Hospital in Vieques, Puerto Rico

Susana Centeno Family Health Center (Centro de Salud Familiar Susana Centeno, CSFSC) is the hospital in Vieques, Puerto Rico. It is administered by the Puerto Rico Department of Health. The hospital is currently being rebuilt after closing in 2017 due to damage sustained in Hurricane Maria. It housed the island's only maternity ward, x-ray, and dialysis center.

== Old hospital ==
After the colony of Vieques was established by Spain in 1844, a chief physician provided health services through the local government. These public health services focused on epidemics and medical care for the poor. A civilian hospital was created in 1879. Through the hospital, the municipality provided shelter, meals, medicine, nurses, and daily visits from a doctor. The sanatorium was located in barrio Cañon in front of the municipal cemetery. It was a big house build with wood and zinc planks. By the early 1910s, the sanatorium was in poor condition.

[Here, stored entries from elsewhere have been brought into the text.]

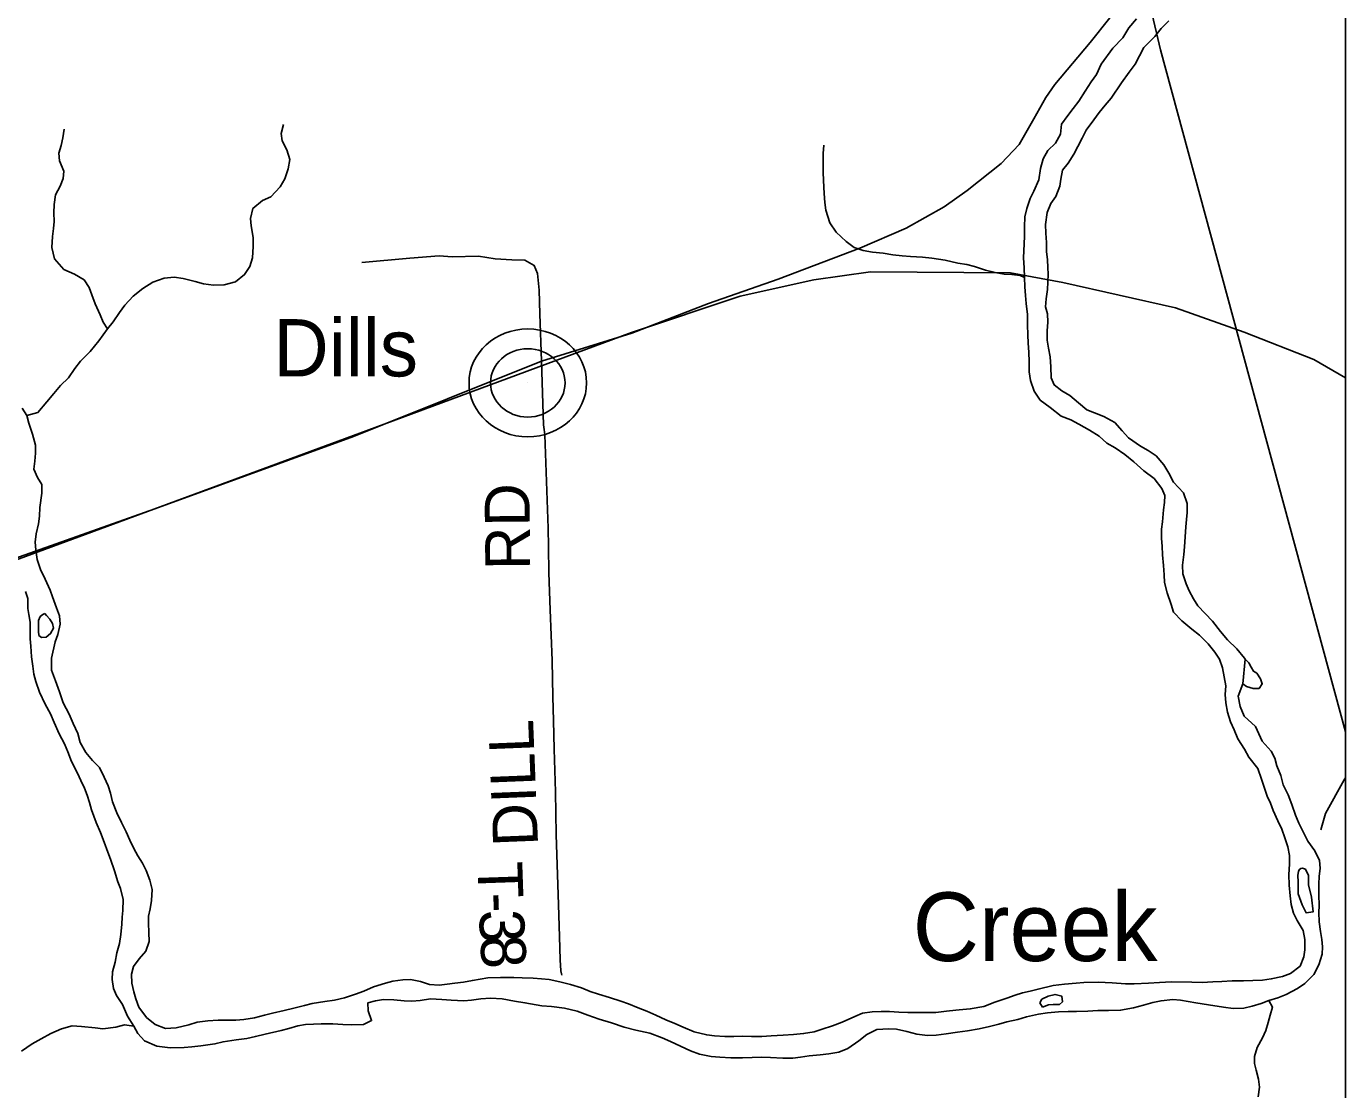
# Model space of a CAD drawing. Extents: x -139 to 835, y 0 to 440.
# Drawn here: x 550 to 607.6, y 298.1 to 344.5 of the extents above; entities that cross this region are included whole.
import ezdxf

# ---------------------------------------------------------------- set-up
doc = ezdxf.new("R2010")
doc.units = 0
for name, color, linetype in [('Default', 7, 'Continuous'), ('GM_X_Major_River', 7, 'Continuous'), ('GM_X_Major_River_Text', 7, 'Continuous'), ('GM_X_Minor_River', 7, 'Continuous'), ('GM_X_Rail_Line', 7, 'Continuous'), ('GM_X_Township_Road', 7, 'Continuous'), ('GM_X_Township_Road_Text', 7, 'Continuous'), ('GM_X_Unincorporated', 7, 'Continuous'), ('GM_X_Unincorporated_Location', 7, 'Continuous'), ('GM_X_Unincorporated_Text', 7, 'Continuous'), ('GM_X_US_Route', 7, 'Continuous'), ('SH_Cut_Line', 7, 'Continuous')]:
    doc.layers.add(name, color=color, linetype=linetype)

msp = doc.modelspace()

# ---------------------------------------------------------------- linework, layer by layer
at = {"layer": 'Default'}
msp.add_lwpolyline([(607.596, 313.688), (607.596, 400.079), (567.097, 400.079), (573.292, 389.29), (593.771, 354.537), (598.348, 346.669), (599.103, 345.232), (599.523, 343.435)], close=True, dxfattribs=at)
msp.add_lwpolyline([(533.705, 218.461), (553.865, 217.083), (607.596, 213.413), (607.596, 313.688), (599.523, 343.435), (599.103, 345.232), (598.348, 346.669), (593.771, 354.537), (573.292, 389.29), (556.01, 382.105), (544.238, 377.806)], dxfattribs=at)
at = {"layer": 'GM_X_Major_River'}
msp.add_line((603.215, 316.859), (603.108, 315.776), dxfattribs=at)
for points in [[(597.447, 343.518), (597.884, 343.969), (598.138, 344.398), (598.47, 344.801)], [(598.791, 343.538), (599.267, 344.024), (599.546, 344.369), (599.877, 344.7)], [(597.447, 343.518), (596.939, 342.813), (596.725, 342.372), (596.499, 342.05), (596.233, 341.633), (595.954, 341.204), (595.716, 340.883), (595.477, 340.574), (595.198, 340.193), (595.154, 339.761), (594.94, 339.368), (594.61, 339.047), (594.397, 338.69), (594.287, 338.259), (594.216, 337.768), (594.001, 337.279), (593.841, 336.956), (593.692, 336.514), (593.609, 336.155), (593.59, 335.723), (593.585, 335.292), (593.564, 334.668), (593.547, 334.368), (593.567, 333.924), (593.588, 333.504), (593.596, 333.096), (593.63, 332.724), (593.665, 332.375), (593.711, 331.895), (593.718, 331.439), (593.738, 331.007), (593.747, 330.647), (593.781, 330.251), (593.788, 329.831), (593.796, 329.399), (593.856, 329.014), (594.006, 328.545), (594.275, 328.158), (594.701, 327.83), (595.191, 327.452), (595.606, 327.292), (595.956, 327.108), (596.422, 326.851), (596.848, 326.583), (597.183, 326.279), (597.546, 326.083), (597.959, 325.791), (598.359, 325.463), (598.797, 325.074), (599.249, 324.733), (599.582, 324.298), (599.708, 323.997), (599.691, 323.697), (599.648, 323.373), (599.602, 322.846), (599.559, 322.523), (599.567, 322.127), (599.589, 321.791), (599.61, 321.406), (599.656, 320.938), (599.677, 320.542), (599.699, 320.194), (599.81, 319.749), (599.986, 319.243), (600.086, 318.906), (600.446, 318.53), (600.885, 318.166), (601.22, 317.898), (601.606, 317.522), (601.888, 317.159), (602.093, 316.857), (602.231, 316.472), (602.305, 316.087), (602.365, 315.69), (602.347, 315.307), (602.368, 314.947), (602.441, 314.538), (602.579, 314.117), (602.731, 313.767), (602.895, 313.381), (603.189, 312.934), (603.38, 312.584), (603.765, 312.088), (603.928, 311.619), (604.041, 311.27), (604.18, 310.872), (604.319, 310.571), (604.432, 310.258), (604.635, 309.8), (604.813, 309.438), (604.951, 309.053), (605.077, 308.667), (605.15, 308.283), (605.145, 307.911), (605.126, 307.467), (605.133, 306.999), (605.18, 306.531), (605.227, 306.158), (605.326, 305.773), (605.478, 305.46), (605.746, 305.013)], [(598.791, 343.538), (598.412, 342.822), (598.16, 342.464), (597.815, 342), (597.363, 341.333), (597.112, 341.024), (596.847, 340.703), (596.609, 340.394), (596.277, 339.941), (596.103, 339.583), (595.916, 339.225), (595.742, 338.891), (595.489, 338.498), (595.251, 338.189), (595.168, 337.794), (595.125, 337.494), (594.95, 337.04), (594.737, 336.731), (594.576, 336.349), (594.504, 335.822), (594.512, 335.438), (594.546, 335.029), (594.554, 334.645), (594.588, 334.285), (594.61, 333.949), (594.619, 333.649), (594.602, 333.301), (594.585, 332.989), (594.527, 332.582), (594.51, 332.222), (594.597, 331.922), (594.605, 331.562), (594.575, 331.178), (594.569, 330.77), (594.63, 330.422), (594.703, 330.049), (594.737, 329.617), (594.757, 329.125), (594.883, 328.823), (595.219, 328.556), (595.568, 328.36), (595.942, 328.044), (596.303, 327.74), (596.64, 327.605), (597.042, 327.444), (597.521, 327.187), (597.855, 326.824), (598.125, 326.509), (598.641, 326.144), (598.978, 325.96), (599.327, 325.728), (599.66, 325.341), (599.89, 324.978), (600.094, 324.58), (600.518, 324.12), (600.681, 323.65), (600.689, 323.254), (600.659, 322.955), (600.629, 322.631), (600.597, 322.188), (600.566, 321.756), (600.535, 321.42), (600.477, 320.953), (600.499, 320.581), (600.636, 320.148), (600.776, 319.834), (600.967, 319.484), (601.145, 319.183), (601.467, 318.855), (601.788, 318.516), (602.134, 318.056), (602.443, 317.705), (602.855, 317.305), (603.188, 316.905), (603.215, 316.859)], [(563.066, 301.923), (562.517, 301.833), (562.177, 301.741), (561.707, 301.626), (561.288, 301.523), (560.779, 301.408), (560.426, 301.316), (559.994, 301.213), (559.524, 301.134), (559.185, 301.102), (558.416, 301.11), (557.959, 301.079), (557.489, 301.012), (557.136, 300.896), (556.574, 300.77), (556.118, 300.739), (555.664, 300.912), (555.277, 301.228), (554.944, 301.676), (554.818, 302.037), (554.731, 302.338), (554.644, 302.722), (554.636, 303.106), (554.719, 303.453), (554.958, 303.787), (555.262, 304.119), (555.397, 304.538), (555.39, 304.934), (555.368, 305.33), (555.372, 305.642), (555.442, 305.965), (555.499, 306.324), (555.531, 306.804), (555.432, 307.213), (555.268, 307.634), (555.115, 307.948), (554.911, 308.274), (554.733, 308.588), (554.555, 308.962), (554.39, 309.323), (554.2, 309.733), (553.997, 310.155), (553.808, 310.637), (553.708, 311.01), (553.608, 311.323), (553.443, 311.709), (553.24, 312.131), (552.931, 312.435), (552.636, 312.786), (552.394, 313.22), (552.282, 313.617), (552.079, 314.051), (551.915, 314.461), (551.648, 314.956), (551.484, 315.425), (551.308, 315.907), (551.145, 316.377), (551.138, 316.893), (551.304, 317.611), (551.412, 317.933), (551.522, 318.376), (551.488, 318.748), (551.362, 319.098), (551.185, 319.568), (551.085, 319.869), (550.87, 320.351), (550.666, 320.761), (550.516, 321.206), (550.456, 321.627), (550.421, 321.963), (550.478, 322.322), (550.575, 322.765), (550.618, 323.101), (550.636, 323.472), (550.722, 324.095), (550.714, 324.479), (550.536, 324.781), (550.371, 325.143), (550.414, 325.49), (550.445, 325.838), (550.436, 326.198), (550.312, 326.667), (550.149, 327.149), (550.062, 327.486), (549.858, 327.812)], [(575.564, 300.984), (575.032, 301.146), (574.539, 301.319), (574.072, 301.492), (573.514, 301.63), (572.954, 301.696), (572.525, 301.737), (571.796, 301.865), (571.341, 301.929), (570.795, 302.031), (570.287, 302.061), (569.87, 302.029), (569.465, 301.974), (569.126, 301.954), (568.579, 301.971), (568.162, 302.012), (567.68, 302.029), (567.224, 301.962), (566.858, 301.93), (566.52, 301.946), (566.077, 301.987), (565.621, 302.004), (565.269, 301.947), (564.942, 301.855), (564.95, 301.507), (565.101, 301.085), (564.747, 300.909), (564.226, 300.903), (563.848, 300.919), (563.418, 300.948), (562.91, 300.941), (562.571, 300.933), (562.219, 300.913), (561.892, 300.856), (561.487, 300.741), (561.16, 300.648), (560.454, 300.488), (560.036, 300.397), (559.657, 300.305), (559.2, 300.25), (558.625, 300.16), (558.272, 300.068), (557.659, 299.99), (557.267, 299.935), (556.928, 299.914), (556.315, 299.897), (555.73, 299.975), (555.198, 300.197), (554.903, 300.524), (554.737, 300.838), (554.456, 301.285), (554.241, 301.791), (553.973, 302.178), (553.846, 302.491), (553.786, 302.876), (553.804, 303.211), (553.913, 303.63), (553.997, 304.037), (554.106, 304.444), (554.163, 304.839), (554.208, 305.295), (554.225, 305.594), (554.255, 305.894), (554.261, 306.374), (554.15, 306.843), (554.036, 307.144), (553.886, 307.625), (553.71, 308.131), (553.597, 308.432), (553.433, 308.866), (553.282, 309.288), (553.092, 309.733), (552.891, 310.287), (552.791, 310.6), (552.691, 310.926), (552.577, 311.227), (552.425, 311.564), (552.273, 311.878), (552.019, 312.396), (551.855, 312.818), (551.703, 313.168), (551.474, 313.602), (551.259, 314.096), (551.094, 314.47), (550.865, 314.892), (550.611, 315.411), (550.461, 315.88), (550.373, 316.205), (550.326, 316.554), (550.266, 316.962), (550.233, 317.418), (550.211, 317.743), (550.216, 318.174), (550.207, 318.474), (550.146, 318.811), (550.11, 319.063), (550.103, 319.507), (550.003, 319.808)], [(550.85, 318.851), (550.759, 318.804), (550.64, 318.71), (550.573, 318.542), (550.57, 318.303), (550.567, 318.075), (550.591, 317.894), (550.707, 317.797), (550.902, 317.819), (551.1, 317.973), (551.22, 318.211), (551.184, 318.416), (551.069, 318.597), (550.915, 318.767)], [(550.915, 318.767), (550.85, 318.851)], [(603.108, 315.776), (603.277, 315.669), (603.562, 315.582), (603.823, 315.579), (603.956, 315.781), (603.88, 315.998), (603.727, 316.24), (603.572, 316.325), (603.483, 316.506), (603.381, 316.699), (603.215, 316.859)], [(603.108, 315.776), (602.906, 315.241), (602.992, 314.784), (603.169, 314.362), (603.658, 313.913), (603.81, 313.599), (603.95, 313.274), (604.348, 312.838), (604.501, 312.536), (604.601, 312.199), (604.765, 311.778), (604.877, 311.369), (605.093, 310.934), (605.257, 310.513), (605.407, 310.055), (605.559, 309.706), (605.737, 309.344), (605.953, 308.91), (606.26, 308.487), (606.45, 308.065), (606.485, 307.74), (606.441, 307.369), (606.424, 307.057), (606.431, 306.577), (606.438, 306.109), (606.434, 305.798), (606.442, 305.402), (606.502, 304.969), (606.562, 304.621), (606.585, 304.308), (606.58, 303.985), (606.431, 303.518), (606.204, 303.101), (605.821, 302.709), (605.493, 302.485), (605.007, 302.226), (604.64, 302.074), (604.248, 301.958), (603.907, 301.83), (603.515, 301.714), (603.149, 301.634), (602.692, 301.615), (602.263, 301.668), (601.613, 301.77), (601.067, 301.86), (600.39, 301.976), (600.052, 302.003), (599.543, 301.949), (599.19, 301.869), (598.772, 301.753), (598.34, 301.638), (597.778, 301.536), (597.257, 301.529), (596.788, 301.522), (596.344, 301.503), (595.849, 301.485), (595.497, 301.476), (595.067, 301.469), (594.597, 301.426), (594.205, 301.37), (593.67, 301.256), (593.303, 301.14), (592.819, 301.025), (592.466, 300.933), (592.061, 300.83), (591.604, 300.727), (591.094, 300.636), (590.664, 300.581), (590.167, 300.502), (589.737, 300.447), (589.358, 300.439), (588.89, 300.492), (588.448, 300.617), (588.007, 300.705), (587.668, 300.733), (587.146, 300.691), (586.713, 300.479), (586.358, 300.207), (585.885, 299.865), (585.492, 299.713), (585.047, 299.634), (584.669, 299.59), (584.199, 299.547), (583.808, 299.491), (583.481, 299.447), (583.051, 299.451), (582.504, 299.481), (582.1, 299.486), (581.709, 299.478), (581.292, 299.458), (580.771, 299.464), (580.302, 299.493), (579.911, 299.521), (579.405, 299.623), (579.015, 299.771), (578.147, 300.176), (577.785, 300.336), (577.24, 300.534), (576.629, 300.673), (576.122, 300.798), (575.564, 300.984)], [(605.545, 307.607), (605.517, 307.415), (605.526, 307.139), (605.532, 306.611), (605.696, 306.141), (605.874, 305.792), (606.187, 305.836), (606.104, 306.473), (605.981, 307.014), (605.973, 307.422), (605.846, 307.699)], [(605.846, 307.699), (605.712, 307.734), (605.637, 307.72), (605.586, 307.684), (605.545, 307.607)], [(605.746, 305.013), (605.82, 304.617), (605.814, 304.173), (605.771, 303.873), (605.609, 303.467), (605.188, 303.136), (604.848, 303.007), (604.351, 302.905), (603.972, 302.849), (603.555, 302.829), (603.138, 302.822), (602.643, 302.815), (602.199, 302.796), (601.808, 302.776), (601.339, 302.745), (600.883, 302.762), (599.997, 302.772), (599.475, 302.741), (598.992, 302.722), (598.367, 302.693), (597.989, 302.697), (597.416, 302.727), (596.804, 302.758), (596.178, 302.741), (595.839, 302.72), (595.33, 302.678), (594.834, 302.611), (594.18, 302.462), (593.84, 302.37), (593.5, 302.29), (593.173, 302.197), (592.82, 302.069), (592.296, 301.883), (591.812, 301.708), (591.224, 301.594), (590.741, 301.552), (590.585, 301.541), (590.18, 301.498), (589.723, 301.443), (589.319, 301.435), (588.498, 301.444), (588.107, 301.46), (587.691, 301.477), (587.339, 301.48), (586.948, 301.473), (586.517, 301.405), (586.189, 301.265), (585.639, 301.019), (585.207, 300.856), (584.762, 300.705), (584.408, 300.6), (583.951, 300.521), (583.508, 300.478), (583.064, 300.447), (582.529, 300.417), (582.125, 300.385), (581.682, 300.39), (581.278, 300.406), (580.9, 300.386), (580.509, 300.391), (580.066, 300.419), (579.728, 300.459), (579.182, 300.597), (578.69, 300.794), (578.327, 300.954), (577.938, 301.126), (577.511, 301.323), (577.109, 301.495), (576.733, 301.643), (576.318, 301.816), (575.981, 301.939), (575.487, 302.088), (575.007, 302.238), (574.644, 302.362), (574.268, 302.51), (573.787, 302.659), (573.32, 302.772), (572.852, 302.873), (572.514, 302.912), (572.149, 302.94), (571.68, 302.958), (571.315, 302.973), (570.729, 302.968), (570.168, 302.95), (569.502, 302.837), (569.11, 302.769), (568.732, 302.714), (568.405, 302.669), (568.053, 302.637), (567.636, 302.665), (567.234, 302.79), (566.805, 302.878), (566.466, 302.87), (566.035, 302.803), (565.709, 302.722), (565.185, 302.56), (564.766, 302.373), (564.399, 302.245), (563.928, 302.082), (563.483, 301.979), (563.066, 301.923)], [(594.366, 301.669), (594.628, 301.774), (594.836, 301.783), (595.11, 301.792), (595.242, 301.911), (595.219, 302.151), (594.92, 302.226), (594.619, 302.146), (594.344, 302.017), (594.251, 301.862)], [(594.251, 301.862), (594.366, 301.669)]]:
    msp.add_lwpolyline(points, dxfattribs=at)
at = {"layer": 'GM_X_Minor_River'}
for points in [[(550.062, 327.486), (550.546, 327.624), (550.943, 328.076), (551.247, 328.445), (551.539, 328.801), (551.882, 329.133), (552.16, 329.538), (552.412, 329.859), (552.821, 330.275), (553.206, 330.751), (553.59, 331.262), (553.829, 331.572), (554.107, 331.976), (554.346, 332.298), (554.703, 332.69), (555.124, 333.033), (555.558, 333.304), (556.055, 333.479), (556.486, 333.522), (556.889, 333.458), (557.409, 333.332), (557.772, 333.232), (558.202, 333.168), (558.671, 333.187), (559.168, 333.313), (559.563, 333.633), (559.789, 333.99), (559.911, 334.373), (559.944, 334.864), (559.936, 335.248), (559.851, 335.765), (559.816, 336.089), (559.926, 336.52), (560.347, 336.863), (560.714, 337.027), (561.111, 337.467), (561.324, 337.813), (561.46, 338.255), (561.53, 338.65), (561.405, 339.083), (561.202, 339.469), (561.154, 339.794), (561.263, 340.189)], [(553.59, 331.262), (553.398, 331.564), (553.259, 331.878), (553.044, 332.36), (552.905, 332.745), (552.779, 333.071), (552.562, 333.409), (552.148, 333.653), (551.682, 333.862), (551.271, 334.323), (551.16, 334.816), (551.179, 335.295), (551.222, 335.643), (551.252, 335.954), (551.244, 336.326), (551.249, 336.698), (551.319, 337.117), (551.52, 337.499), (551.654, 337.822), (551.671, 338.145), (551.495, 338.603), (551.46, 338.927), (551.556, 339.274), (551.638, 339.609), (551.695, 339.981)], [(593.588, 333.504), (593.394, 333.602), (593.042, 333.642), (592.704, 333.658), (592.314, 333.722), (591.885, 333.822), (591.405, 333.983), (591.067, 334.071), (590.677, 334.135), (590.131, 334.261), (589.546, 334.352), (589.142, 334.392), (588.621, 334.422), (588.257, 334.449), (587.841, 334.502), (587.424, 334.566), (586.956, 334.619), (586.553, 334.684), (586.15, 334.82), (585.802, 335.076), (585.364, 335.488), (585.096, 335.899), (584.92, 336.441), (584.872, 336.777), (584.851, 337.174), (584.819, 337.738), (584.811, 338.098), (584.804, 338.59), (584.809, 338.914), (584.826, 339.285)], [(604.248, 301.958), (604.4, 301.669), (604.305, 301.322), (604.222, 300.999), (604.114, 300.652), (603.966, 300.33), (603.739, 299.912), (603.617, 299.518), (603.626, 299.218), (603.701, 298.917), (603.8, 298.532), (603.834, 298.184), (603.777, 297.764)], [(554.737, 300.838), (554.321, 300.902), (553.942, 300.799), (553.381, 300.733), (553.042, 300.772), (552.444, 300.827), (552.04, 300.855), (551.569, 300.728), (551.111, 300.529), (550.691, 300.294), (550.297, 300.07), (549.824, 299.752)]]:
    msp.add_lwpolyline(points, dxfattribs=at)
at = {"layer": 'GM_X_Rail_Line'}
msp.add_lwpolyline([(510.606, 306.801), (564.86, 326.817), (576.442, 331.103), (581.189, 332.695), (584.393, 333.405), (586.87, 333.757), (592.97, 333.71), (595.263, 333.287), (600.181, 332.19), (603.167, 331.128), (606.212, 329.926), (607.596, 329.125)], dxfattribs=at)
at = {"layer": 'GM_X_Township_Road'}
for points in [[(568.053, 334.453), (566.769, 334.346), (564.673, 334.166)], [(572.411, 332.956), (572.407, 333.108), (572.344, 333.686), (572.201, 334.034), (571.79, 334.257), (571.229, 334.274), (570.501, 334.326), (569.764, 334.44), (568.614, 334.413), (568.053, 334.453)], [(572.518, 329.858), (572.444, 331.925), (572.411, 332.956)], [(572.816, 321.751), (572.801, 322.567), (572.668, 326.643), (572.638, 326.88), (572.609, 327.084), (572.518, 329.858)], [(573.408, 303.066), (573.392, 303.12), (573.362, 303.262), (573.325, 303.737), (573.303, 304.761), (573.257, 306.144), (573.155, 309.209), (573.126, 311.06), (573.074, 312.925), (573.045, 314.173), (573.015, 315.21), (572.985, 316.804), (572.889, 319.001), (572.838, 320.621), (572.816, 321.751)], [(606.516, 309.414), (606.723, 310.117), (607.531, 311.584), (607.596, 311.673)]]:
    msp.add_lwpolyline(points, dxfattribs=at)
at = {"layer": 'GM_X_Unincorporated'}
for major_axis in [(2.564, 0), (1.625, 0)]:
    msp.add_ellipse((571.918, 328.911), major_axis=major_axis, ratio=0.917426, dxfattribs=at)
at = {"layer": 'GM_X_Unincorporated_Location'}
msp.add_line((571.918, 328.911), (571.918, 328.911), dxfattribs=at)
at = {"layer": 'GM_X_US_Route'}
msp.add_lwpolyline([(549.297, 321.159), (555.655, 323.421), (564.321, 326.564), (572.518, 329.858), (576.454, 331.078), (579.806, 332.38), (582.837, 333.43), (586.404, 334.793), (588.425, 335.666), (590.09, 336.591), (591.084, 337.301), (592.564, 338.477), (593.36, 339.308), (593.991, 340.424), (594.511, 341.356), (594.906, 341.923), (596.447, 343.761), (597.314, 344.835), (597.721, 345.502), (598.356, 346.652), (598.705, 347.289), (598.938, 347.509)], dxfattribs=at)
at = {"layer": 'SH_Cut_Line'}
msp.add_lwpolyline([(607.596, 213.413), (607.596, 400.079), (373.24, 400.079), (373.24, 228.621), (390.412, 227.867), (402.968, 227.036), (407.389, 226.858), (433.728, 225.419), (479.461, 222.215), (494.743, 221.147), (512.652, 220.106), (533.705, 218.461), (553.865, 217.083)], close=True, dxfattribs=at)

# ---------------------------------------------------------------- texts
at = {"layer": 'GM_X_Major_River_Text'}
msp.add_text('Creek', height=2.9941, rotation=0.00292, dxfattribs=at).set_placement((588.711, 303.684))
at = {"layer": 'GM_X_Township_Road_Text'}
for s, height, rotation, p in [('RD', 1.9582, 90.53808, (572.024, 320.757)), ('DILL', 1.9584, 92.29967, (572.369, 308.722)), ('T', 1.958, 271.98547, (569.717, 307.99)), ('-', 1.958, 272.02548, (569.764, 306.645)), ('3', 1.958, 272.3195, (569.79, 305.899)), ('8', 1.959, 273.34078, (569.836, 304.761))]:
    msp.add_text(s, height=height, rotation=rotation, dxfattribs=at).set_placement(p)
at = {"layer": 'GM_X_Unincorporated_Text'}
msp.add_text('Dills', height=2.4971, rotation=0.00001, dxfattribs=at).set_placement((560.822, 329.193))

doc.saveas('drawing.dxf')

== José Benítez Guzmán Municipal Hospital ==

...to think of a maternity ward for Vieques is a fantasy. Within the realm of modern medicine, this is a project impossible to finance. A maternity ward needs specialized personnel such as an obstetrician-gynecologist, anesthesiologist (twenty-four hours), pediatrician-neonatologist, nurse anesthetist, and indispensable equipment like an incubator, respirator, blood bank and others...It is quite true that these services used to be offered in Vieques. But what is not mentioned is the high mortality and morbidity rate that these practices entailed...We have to understand that those were other times and other attitudes. Physicians could engage in improper practices and the people harmed were often conformists or did not have the malice to think about lawsuits and disputes. Nowadays a doctor must carefully weigh each step. We are in a time of lawsuits, especially against obstetrician-gynecologists, who are the target of most of them. For such reasons none of these specialists are going to work in a place that does not guarantee services and equipment conducive to an adequate practice of their profession.

Viequense ob-gyn José Luis Cintrón in the late 1990s on the challenges of maintaining a maternity ward on the island.

In the early 1910s, Carlos Benítez Castaño, a wealthy hacendado and town mayor (1910-1914), donated some of his land outside of town and supported the construction of a new hospital. The José Benítez Guzmán Municipal Hospital was established in 1913 and included doctors, nurses, and other personnel, sleeping quarters, pharmacy, mortuary, operating room, maternity ward, and other services. The hospital was named after Benítez Castaño's father. The building had several wings and wraparound verandas.

In 1930, Susana Centeno began working at the hospital as a volunteer. She retired in 1961.

In 1953, 212 births (79 percent) on Vieques took place at the hospital. By 1968, hospital births on the island increased to 99.4 percent. A study team of Naval Reserve officers headed by Captain Richard E. Young, a reservist with Naval Air Force Atlantic Fleet, visited the island in 1981 to determine which projects would benefit both the island's residents and the Navy. Vieques mayor Carlos Castano suggested that they visit the hospital. Young reported that it was in "pitiful shape...They didn't even have a typewriter that worked, and the patients waited, sometimes hours, on hard wooden benches." The Navy later donated X-ray equipment valued at $250,000. Commodore Diego E. Hernández, chief of staff for the Naval Air Force Atlantic Fleet and the senior ranking Hispanic-American in the Navy, was present at the dedication ceremonies.

In 1983, the retirement of Gloria Leguillou, a registered nurse specialized in obstetrics, resulted in a temporary closure of the maternity ward. The closure eventually became permanent. In 1985, Puerto Rican pharmaceutical firms donated approximately $40,000 worth of medicine to the Vieques municipal hospital. The same year, the Puerto Rican Department of Health and the Roosevelt Roads Naval Station oversaw an operation by the 448th Engineer Battalion to rebuild an access road and repair parts of the hospital.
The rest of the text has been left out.